The fact "it" did not get hot likely indicates that the heat is not being effectively transmitted away from the emitter
to the head and body of the light.

A light with an effective heatsink system will draw heat from the emitter and to the body of the light/your hand.

Otherwise, the heat sits at the LED and slowly cooks it.


----------



## mikekoz (Feb 13, 2013)

LEDAdd1ct said:


> The fact "it" did not get hot likely indicates that the heat is not being effectively transmitted away from the emitter
> to the head and body of the light.
> 
> A light with an effective heatsink system will draw heat from the emitter and to the body of the light/your hand.
> ...



I see. I am just thinking "bass akwards" so to speak!! I do not think I have owned a LED light however that ever got hot to the touch.
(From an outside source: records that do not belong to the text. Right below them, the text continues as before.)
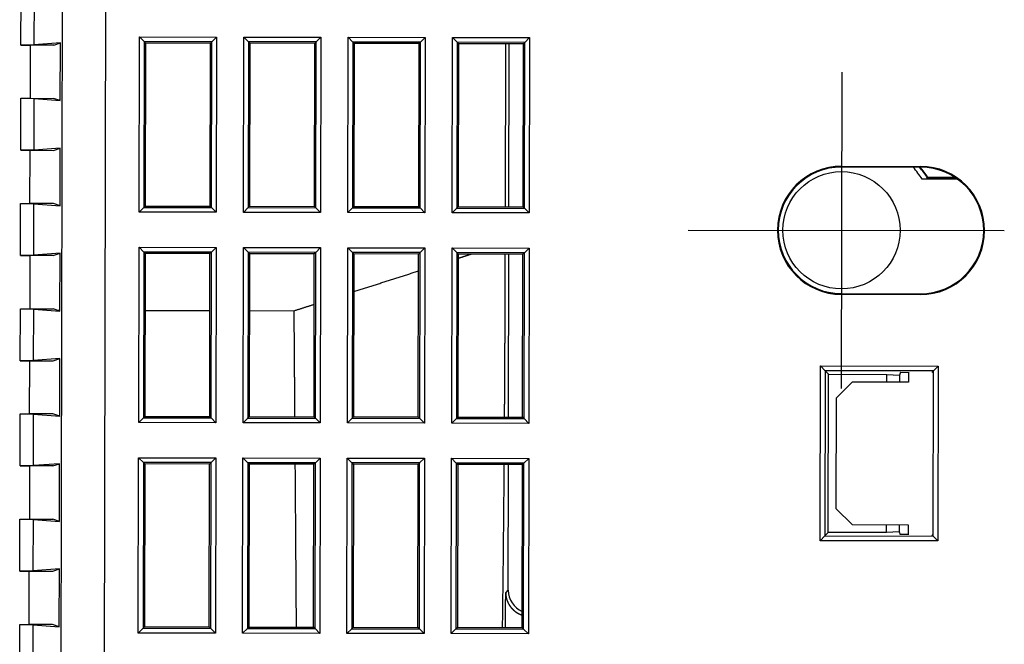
# Model space of a CAD drawing. Header units: millimetres. Extents: x 40090 to 187415, y -53271 to 40260.
# Tile 12 of 43: x 55655 to 55717, y 14010 to 14050. Entities that reach past the tile are written whole.
import ezdxf

# ---------------------------------------------------------------- set-up
doc = ezdxf.new("R2010")
doc.units = ezdxf.units.MM
doc.layers.add('AVM_projektor', color=6, linetype='Continuous')

# ---------------------------------------------------------------- blocks, each defined once
blk = doc.blocks.new('PT-FW430-bottom')
for p, q in [((-52.8, 70.167), (-52.8, 90.167)), ((-56.038, 87.215), (-56.038, 84.963)), ((-56.154, 87.047), (-56.154, 85.326)), ((-56.154, 85.326), (-56.154, 87.047)), ((-56.115, 85.305), (-56.115, 87.105)), ((-44.221, 86), (-43.921, 85.7)), ((-44.221, 86), (-33.179, 86)), ((-44.221, 78.546), (-44.221, 86)), ((-33.179, 86), (-33.479, 85.7)), ((-33.179, 86), (-33.179, 78.546)), ((-43.831, 85.61), (-43.921, 85.7)), ((-43.921, 85.7), (-43.921, 78.846)), ((-33.479, 85.7), (-43.921, 85.7)), ((-33.569, 85.61), (-33.479, 85.7)), ((-33.479, 78.846), (-33.479, 85.7)), ((-56.8, 84.867), (-56.852, 84.867)), ((-56.852, 79.867), (-56.852, 84.867)), ((-56.8, 84.867), (-56.8, 79.867)), ((-48.8, 79.867), (-48.8, 84.867)), ((-48.8, 84.867), (-48.748, 84.867)), ((-48.748, 84.867), (-48.748, 79.867)), ((-43.831, 84.117), (-43.2, 84.117)), ((-43.83, 83.61), (-43.83, 84.117)), ((-43.2, 84.117), (-43.2, 80.567)), ((-34.2, 80.567), (-34.2, 84.117)), ((-34.2, 84.117), (-33.569, 84.117)), ((-33.57, 84.117), (-33.57, 83.61)), ((-43.83, 83.61), (-43.657, 83.553)), ((-43.7, 82.753), (-43.657, 83.553)), ((-43.657, 83.553), (-43.2, 83.553)), ((-34.2, 83.553), (-33.743, 83.553)), ((-33.743, 83.553), (-33.57, 83.61)), ((-33.743, 83.553), (-33.7, 82.753)), ((-43.2, 82.753), (-43.7, 82.753)), ((-43.7, 79.067), (-43.7, 82.753)), ((-33.7, 82.753), (-34.2, 82.753)), ((-33.7, 82.753), (-33.7, 79.067)), ((-42.2, 79.567), (-43.2, 80.567)), ((-34.2, 80.567), (-35.2, 79.567)), ((-62.8, 79.867), (-42.8, 79.867)), ((-56.8, 79.867), (-56.852, 79.867)), ((-48.8, 79.867), (-48.748, 79.867)), ((-35.2, 79.567), (-42.2, 79.567)), ((-43.921, 78.846), (-44.221, 78.546)), ((-33.179, 78.546), (-44.221, 78.546)), ((-43.7, 79.067), (-43.921, 78.846)), ((-43.921, 78.846), (-33.479, 78.846)), ((-33.7, 79.067), (-43.7, 79.067)), ((-33.7, 79.067), (-33.479, 78.846)), ((-33.479, 78.846), (-33.179, 78.546)), ((-64.94, 60.107), (-64.64, 59.807)), ((-64.94, 60.107), (-53.86, 60.107)), ((-64.94, 55.227), (-64.94, 60.107)), ((-64.64, 59.807), (-64.55, 59.717)), ((-54.159, 59.807), (-64.64, 59.807)), ((-64.64, 59.807), (-64.64, 55.526)), ((-54.159, 59.807), (-54.25, 59.717)), ((-53.86, 60.107), (-54.159, 59.807)), ((-54.159, 55.526), (-54.159, 59.807)), ((-53.86, 60.107), (-53.86, 55.227)), ((-51.64, 60.107), (-51.34, 59.807)), ((-51.64, 60.107), (-40.56, 60.107)), ((-51.64, 55.227), (-51.64, 60.107)), ((-51.34, 59.807), (-51.25, 59.717)), ((-51.34, 59.807), (-51.34, 55.526)), ((-40.859, 59.807), (-51.34, 59.807)), ((-40.859, 59.807), (-40.95, 59.717)), ((-40.56, 60.107), (-40.859, 59.807)), ((-40.859, 55.526), (-40.859, 59.807)), ((-40.56, 60.107), (-40.56, 55.227)), ((-38.34, 60.107), (-38.04, 59.807)), ((-38.34, 60.107), (-27.26, 60.107)), ((-38.34, 55.227), (-38.34, 60.107)), ((-38.04, 59.807), (-37.95, 59.717)), ((-38.04, 59.807), (-38.04, 55.526)), ((-27.559, 59.807), (-38.04, 59.807)), ((-27.559, 59.807), (-27.65, 59.717)), ((-27.26, 60.107), (-27.559, 59.807)), ((-27.559, 55.526), (-27.559, 59.807)), ((-27.26, 60.107), (-27.26, 55.227)), ((-54.25, 59.717), (-64.55, 59.717)), ((-64.55, 59.717), (-64.55, 55.617)), ((-54.25, 55.617), (-54.25, 59.717)), ((-40.95, 59.717), (-51.25, 59.717)), ((-51.25, 59.717), (-51.25, 55.617)), ((-40.95, 55.617), (-40.95, 59.717)), ((-37.95, 59.717), (-37.95, 55.617)), ((-27.65, 59.717), (-37.95, 59.717)), ((-27.65, 55.617), (-27.65, 59.717)), ((-54.25, 58.825), (-64.55, 58.825)), ((-54.25, 58.599), (-64.55, 58.599)), ((-40.95, 58.825), (-51.25, 58.825)), ((-30.003, 58.825), (-37.95, 58.825)), ((-29.844, 58.666), (-30.003, 58.825)), ((-64.64, 55.526), (-64.94, 55.227)), ((-64.64, 55.526), (-64.55, 55.617)), ((-64.64, 55.526), (-54.159, 55.526)), ((-64.55, 55.617), (-54.25, 55.617)), ((-54.159, 55.526), (-54.25, 55.617)), ((-54.159, 55.526), (-53.86, 55.227)), ((-51.34, 55.526), (-51.64, 55.227)), ((-51.34, 55.526), (-51.25, 55.617)), ((-51.34, 55.526), (-40.859, 55.526)), ((-51.25, 55.617), (-40.95, 55.617)), ((-40.859, 55.526), (-40.95, 55.617)), ((-40.859, 55.526), (-40.56, 55.227)), ((-38.04, 55.526), (-38.34, 55.227)), ((-38.04, 55.526), (-37.95, 55.617)), ((-38.04, 55.526), (-27.559, 55.526)), ((-37.95, 55.617), (-27.65, 55.617)), ((-27.559, 55.526), (-27.65, 55.617)), ((-27.559, 55.526), (-27.26, 55.227)), ((-53.86, 55.227), (-64.94, 55.227)), ((-40.56, 55.227), (-51.64, 55.227)), ((-27.26, 55.227), (-38.34, 55.227)), ((-64.94, 53.507), (-64.64, 53.207)), ((-64.94, 53.507), (-53.86, 53.507)), ((-64.94, 48.627), (-64.94, 53.507)), ((-64.64, 53.207), (-64.55, 53.117)), ((-64.64, 53.207), (-64.64, 48.926)), ((-54.159, 53.207), (-64.64, 53.207)), ((-54.25, 53.117), (-64.55, 53.117)), ((-64.55, 53.117), (-64.55, 49.017)), ((-54.159, 53.207), (-54.25, 53.117)), ((-54.25, 49.017), (-54.25, 53.117)), ((-53.86, 53.507), (-54.159, 53.207)), ((-54.159, 48.926), (-54.159, 53.207)), ((-53.86, 53.507), (-53.86, 48.627)), ((-51.64, 53.507), (-51.34, 53.207)), ((-51.64, 53.507), (-40.56, 53.507)), ((-51.64, 48.627), (-51.64, 53.507)), ((-51.34, 53.207), (-51.25, 53.117)), ((-40.859, 53.207), (-51.34, 53.207)), ((-51.34, 53.207), (-51.34, 48.926)), ((-51.25, 53.117), (-51.25, 49.017)), ((-40.95, 53.117), (-51.25, 53.117)), ((-40.859, 53.207), (-40.95, 53.117)), ((-40.95, 49.017), (-40.95, 53.117)), ((-40.56, 53.507), (-40.859, 53.207)), ((-40.859, 48.926), (-40.859, 53.207)), ((-40.56, 53.507), (-40.56, 48.627)), ((-38.34, 53.507), (-38.04, 53.207)), ((-38.34, 53.507), (-27.26, 53.507)), ((-38.34, 48.627), (-38.34, 53.507)), ((-38.04, 53.207), (-37.95, 53.117)), ((-27.559, 53.207), (-38.04, 53.207)), ((-38.04, 53.207), (-38.04, 48.926)), ((-37.95, 53.117), (-37.95, 49.017)), ((-27.65, 53.117), (-37.95, 53.117)), ((-27.559, 53.207), (-27.65, 53.117)), ((-27.65, 49.017), (-27.65, 53.117)), ((-27.26, 53.507), (-27.559, 53.207)), ((-27.559, 48.926), (-27.559, 53.207)), ((-27.26, 53.507), (-27.26, 48.627)), ((-64.64, 48.926), (-64.94, 48.627)), ((-53.86, 48.627), (-64.94, 48.627)), ((-64.64, 48.926), (-64.55, 49.017)), ((-64.64, 48.926), (-54.159, 48.926)), ((-64.55, 49.017), (-54.25, 49.017)), ((-54.159, 48.926), (-54.25, 49.017)), ((-54.159, 48.926), (-53.86, 48.627)), ((-51.34, 48.926), (-51.64, 48.627)), ((-40.56, 48.627), (-51.64, 48.627)), ((-51.34, 48.926), (-51.25, 49.017)), ((-51.34, 48.926), (-40.859, 48.926)), ((-51.25, 49.017), (-40.95, 49.017)), ((-40.859, 48.926), (-40.95, 49.017)), ((-40.859, 48.926), (-40.56, 48.627)), ((-38.04, 48.926), (-38.34, 48.627)), ((-27.26, 48.627), (-38.34, 48.627)), ((-38.04, 48.926), (-37.95, 49.017)), ((-38.04, 48.926), (-27.559, 48.926)), ((-37.95, 49.017), (-27.65, 49.017)), ((-27.559, 48.926), (-27.65, 49.017)), ((-27.559, 48.926), (-27.26, 48.627)), ((-64.64, 46.607), (-64.94, 46.907)), ((-64.94, 42.027), (-64.94, 46.907)), ((-64.94, 46.907), (-53.86, 46.907)), ((-53.86, 46.907), (-54.159, 46.607)), ((-53.86, 46.907), (-53.86, 42.027)), ((-51.64, 46.907), (-51.34, 46.607)), ((-51.64, 46.907), (-40.56, 46.907)), ((-51.64, 42.027), (-51.64, 46.907)), ((-40.56, 46.907), (-40.859, 46.607)), ((-40.56, 46.907), (-40.56, 42.027)), ((-38.04, 46.607), (-38.34, 46.907)), ((-38.34, 42.027), (-38.34, 46.907)), ((-38.34, 46.907), (-27.26, 46.907)), ((-27.26, 46.907), (-27.559, 46.607)), ((-27.26, 46.907), (-27.26, 42.027)), ((-64.64, 46.607), (-64.55, 46.517)), ((-64.64, 46.607), (-64.64, 42.326)), ((-54.159, 46.607), (-64.64, 46.607)), ((-54.25, 46.517), (-64.55, 46.517)), ((-64.55, 46.517), (-64.55, 42.417)), ((-54.159, 46.607), (-54.25, 46.517)), ((-54.25, 42.417), (-54.25, 46.517)), ((-54.159, 42.326), (-54.159, 46.607)), ((-51.34, 46.607), (-51.25, 46.517)), ((-40.859, 46.607), (-51.34, 46.607)), ((-51.34, 46.607), (-51.34, 42.326)), ((-40.95, 46.517), (-51.25, 46.517)), ((-51.25, 46.517), (-51.25, 42.417)), ((-40.859, 46.607), (-40.95, 46.517)), ((-40.95, 42.417), (-40.95, 46.517)), ((-40.859, 42.326), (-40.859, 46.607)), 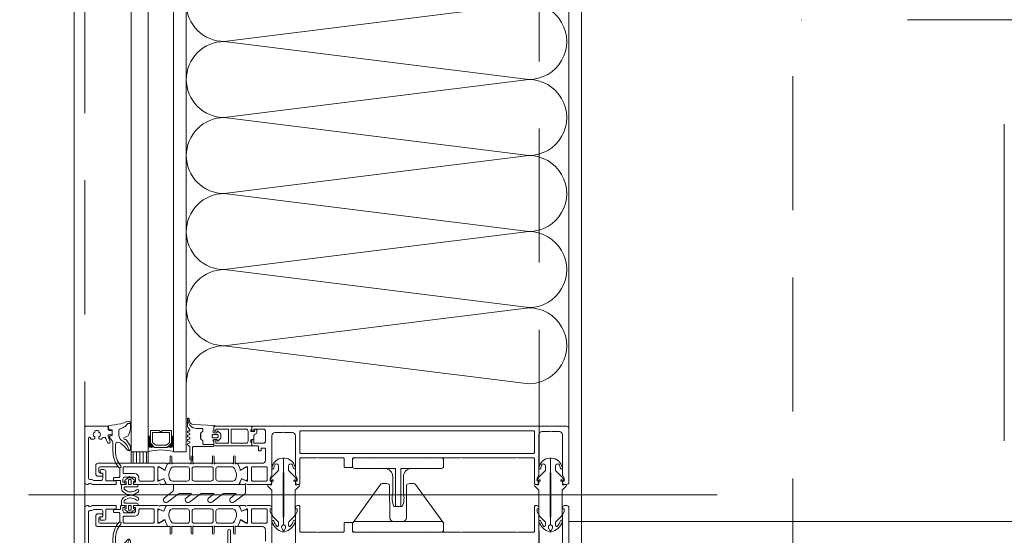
# Model space of a CAD drawing. Header units: millimetres. Extents: x 213386 to 459888, y 74252 to 208052.
# Tile 167 of 256: x 373011 to 373477, y 182188 to 182432. Entities that reach past the tile are written whole.
import ezdxf

# ---------------------------------------------------------------- set-up
doc = ezdxf.new("R2010")
doc.units = ezdxf.units.MM
for name, pattern in [('CK_Čerchovaná 50', [6, 3, -1.5, 0, -1.5]), ('DASHDOTX2', [2, 1, -0.5, 0, -0.5]), ('ČÁRKOVANÁ', [19.05, 12.7, -6.35])]:
    doc.linetypes.add(name, pattern=pattern)
doc.layers.get('Defpoints').update_dxf_attribs({"color": 255, "lineweight": 0})
for name, color, linetype, lineweight in [('FASÁDA DETAILNÍ', 255, 'Continuous', 0), ('HU-osy', 255, 'DASHDOTX2', 0), ('KOTY 50', 255, 'Continuous', 0), ('NOVA', 255, 'Continuous', 0), ('TENKA', 255, 'Continuous', 0)]:
    doc.layers.add(name, color=color, linetype=linetype, lineweight=lineweight)
doc.layers.get('KOTY 50').off()
doc.styles.add('CS-ROMANS', font='romans.shx', dxfattribs={"width": 0.75, "oblique": 5})
doc.dimstyles.new('A_KÓTA_50', dxfattribs={"dimtxt": 110, "dimasz": 2, "dimexe": 100, "dimexo": 1500, "dimgap": 40, "dimtad": 1, "dimrnd": 1, "dimdsep": 46, "dimtxsty": 'CS-ROMANS', "dimblk": 'KOT_CARA20', "dimcen": 45, "dimse1": 1, "dimse2": 1, "dimclrd": 256, "dimclre": 256, "dimclrt": 256, "dimadec": 0, "dimazin": 0, "dimtfac": 1, "dimtix": 1, "dimtmove": 2, "dimatfit": 3, "dimldrblk": 'OBLIQUE', "dimfxl": 100, "dimtolj": 1, "dimarcsym": 0})

# ---------------------------------------------------------------- blocks, each defined once
blk = doc.blocks.new('nesystémový nástavec 18')
for p, q in [((-18, 6.8), (-18, 8.8)), ((-17.5, 9.3), (-15.36, 9.3)), ((-17, 6.3), (-17.5, 6.3)), ((-11, 8), (-17, 8)), ((-17, 8), (-17, 6.3)), ((-15.36, 9.3), (0, 9.3)), ((-11, 1.3), (-11, 8)), ((-2.8, 8), (-9.7, 8)), ((-9.7, 1.3), (-9.7, 8)), ((-1.8, 2.3), (-1.8, 7)), ((-0.5, 7.3), (-0.5, 6.8)), ((0, 9.3), (0, 7.8)), ((0, 6.3), (0.55, 6.3)), ((0.55, 6.3), (0.95, 5.9)), ((0.95, 5.9), (0.95, 4.8)), ((0.95, 4.8), (0.95, 4.14)), ((-18, 0.5), (-18, 1.8)), ((-17.5, 2.3), (-17, 2.3)), ((-1.8, 0), (-17.5, 0)), ((-17, 2.3), (-17, 1.3)), ((-17, 1.3), (-11, 1.3)), ((-9.7, 1.3), (-2.8, 1.3)), ((0, 0), (-1.8, 0)), ((-0.4, 2.23), (-0.5, 2.04)), ((-0.5, 2.04), (-0.5, 2)), ((1.2, 2.44), (0, 2.44)), ((0, 1.5), (0, 0)), ((0.95, 4.14), (1.2, 4.14)), ((1.2, 1.85), (1.2, 2.44)), ((1.4, 3.94), (1.4, 3.84)), ((1.6, 3.64), (1.6, 3.64)), ((1.8, 1.37), (1.7, 1.35)), ((2.25, 1.63), (1.8, 1.37)), ((2.4, 2.84), (2.4, 1.89))]:
    blk.add_line(p, q)
for centre, radius, start, end in [((-17.5, 8.8), 0.5, 90, 180), ((-17.5, 6.8), 0.5, 180.0012, 269.9988), ((-15.36, 9.8), 0.5, 270, 270.084), ((-2.8, 7), 1, 0, 90), ((0, 7.3), 0.5, 89.9955, 180.0071), ((0, 6.8), 0.5, 179.9949, 270.006), ((0.75, 4.8), 0.2, 359.9656, 0.0344), ((-17.5, 1.8), 0.5, 89.999, 180.0002), ((-17.5, 0.5), 0.5, 180, 270), ((-2.8, 2.3), 1, 270, 0), ((0, 2), 0.5, 179.9716, 270.0327), ((0, 1.94), 0.5, 89.9975, 144.0007), ((1.2, 3.94), 0.2, 359.9707, 90.0249), ((1.7, 1.85), 0.5, 179.9991, 270), ((1.6, 3.84), 0.2, 179.9737, 270.035), ((1.6, 2.84), 0.8, 0.0065, 89.9919), ((2.1, 1.89), 0.3, 299.9815, 0.0183)]:
    blk.add_arc(centre, radius, start, end)
blk = doc.blocks.new('284336')
for points in [[(-0.7, -9.6), (-10, -9.6, 0.414511), (-10.51, -10.11), (-10.51, -15.51, -1), (-11.69, -15.51), (-11.69, -9.6), (-12.69, -8.95, -0.668884), (-12.6, -8.23), (-11.99, -8.01, 0.766384), (-11.99, -7.21), (-12.6, -6.99, -0.76831), (-12.6, -6.23), (-11.99, -6.01, 0.766384), (-11.99, -5.21), (-12.6, -4.99, -0.76831), (-12.6, -4.23), (-11.99, -4.01, 0.766384), (-11.99, -3.21), (-12.6, -2.99, -0.877523), (-12.5, -2.22), (-12.1, -2.22, 0.698129), (-11.83, -1.5, -0.220231), (-12.89, 0.78), (-12.89, 3.45, -0.157143), (-12.82, 3.68), (-12.69, 3.42, -0.067482), (-12.48, 2.53, 0.393136), (-8.66, -1.02), (-6.1, -1.02, -0.414214), (-5.61, -1.51), (-5.61, -2.22, -0.267949), (-5.85, -2.65), (-6.35, -2.93, 0.267949), (-6.61, -3.38), (-6.61, -5.84, 0.267949), (-6.35, -6.29), (-5.85, -6.57, -0.267949), (-5.61, -7), (-5.61, -8.11, 0.414215), (-5.1, -8.62), (-0.41, -8.62), (-0.41, -9.31, -0.414212), (-0.7, -9.6)], [(-0.41, 0), (-0.41, -2, 0.990243), (-0.4, -3.02), (0.9, -3.02, 0.414214), (1.21, -2.71), (1.21, -2.61, -0.668123), (1.71, -2.4), (2.75, -3.45, -0.199004), (2.89, -3.79), (2.89, -5.43, -0.199038), (2.75, -5.77), (1.71, -6.82, -0.668191), (1.21, -6.61), (1.21, -6.51, 0.414214), (0.9, -6.2), (-0.4, -6.2, 0.990269), (-0.41, -7.22), (-0.41, -8.6), (-5.1, -8.6, -0.414215), (-5.59, -8.11), (-5.59, -7, 0.267949), (-5.84, -6.56), (-6.34, -6.27, -0.267949), (-6.59, -5.84), (-6.59, -3.38, -0.267949), (-6.34, -2.95), (-5.84, -2.66, 0.267949), (-5.59, -2.22), (-5.59, -1.51, 0.414214), (-6.1, -1), (-8.66, -1, -0.393156), (-12.46, 2.53, 0.067572), (-12.67, 3.43), (-12.8, 3.7, -0.637545), (-12.12, 3.53), (-11.92, 2.53, 0.344315), (-10.06, 0.91), (0, 0.38, -0.406913), (0.39, 0), (-0.41, 0)], [(1.7, -4.31, 0.414235), (1.2, -3.81), (-0.7, -3.81, 0.414214), (-1.2, -4.31), (-1.2, -4.91, 0.414214), (-0.7, -5.41), (1.2, -5.41, 0.414235), (1.7, -4.91), (1.7, -4.31)]]:
    blk.add_lwpolyline(points, format="xyb", close=True)
blk = doc.blocks.new('433270')
blk.add_lwpolyline([(1, 0, 0.414364), (0, -1), (0, -1.4, 0.255924), (0.23, -1.83, -0.547723), (0.23, -3.17, 0.255924), (0, -3.6), (0, -14.6, 0.414214), (0.3, -14.9), (1.2, -14.9, 0.414214), (1.7, -14.4), (1.7, -10.3, -0.414214), (2, -10), (6, -10, 0.414248), (7, -9), (7, -7.7, 0.414179), (6.5, -7.2), (5.7, -7.2, 0.414232), (5.4, -7.5), (5.4, -8.2, -0.414198), (5.1, -8.5), (2.8, -8.5, -0.414204), (1.8, -7.5), (1.8, -4.49, -0.147432), (1.97, -3.94, 0.147461), (2.4, -2.5), (2.4, -2.3, -0.414214), (2.9, -1.8), (21.87, -1.8, -0.668178), (22.22, -2.65), (22.16, -2.72, 1), (21.59, -3.29), (21.52, -3.35, 0.198912), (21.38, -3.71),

Then again, I only use them for a few minutes at a time for the most part so I guess I never give them the chance. Sounds like I am lucky that I did not burn out the LED on this thing a while back when I was doing my runtime test. It was on for about 4 hours before I shut it off!!


----------



## mccririck (Feb 14, 2013)

*Re: Ozark Trail 200 Lumen Light at Walmart!*



mikekoz said:


> That is one thing I wished it had! It is just a single mode light with a reverse clicky.



Sometimes simplicity is a blessing. I don't think a 4AA really needs a low mode, it will last a good amount of time on high. And let's be honest, arent you glad it doesnt have a strobe?!


----------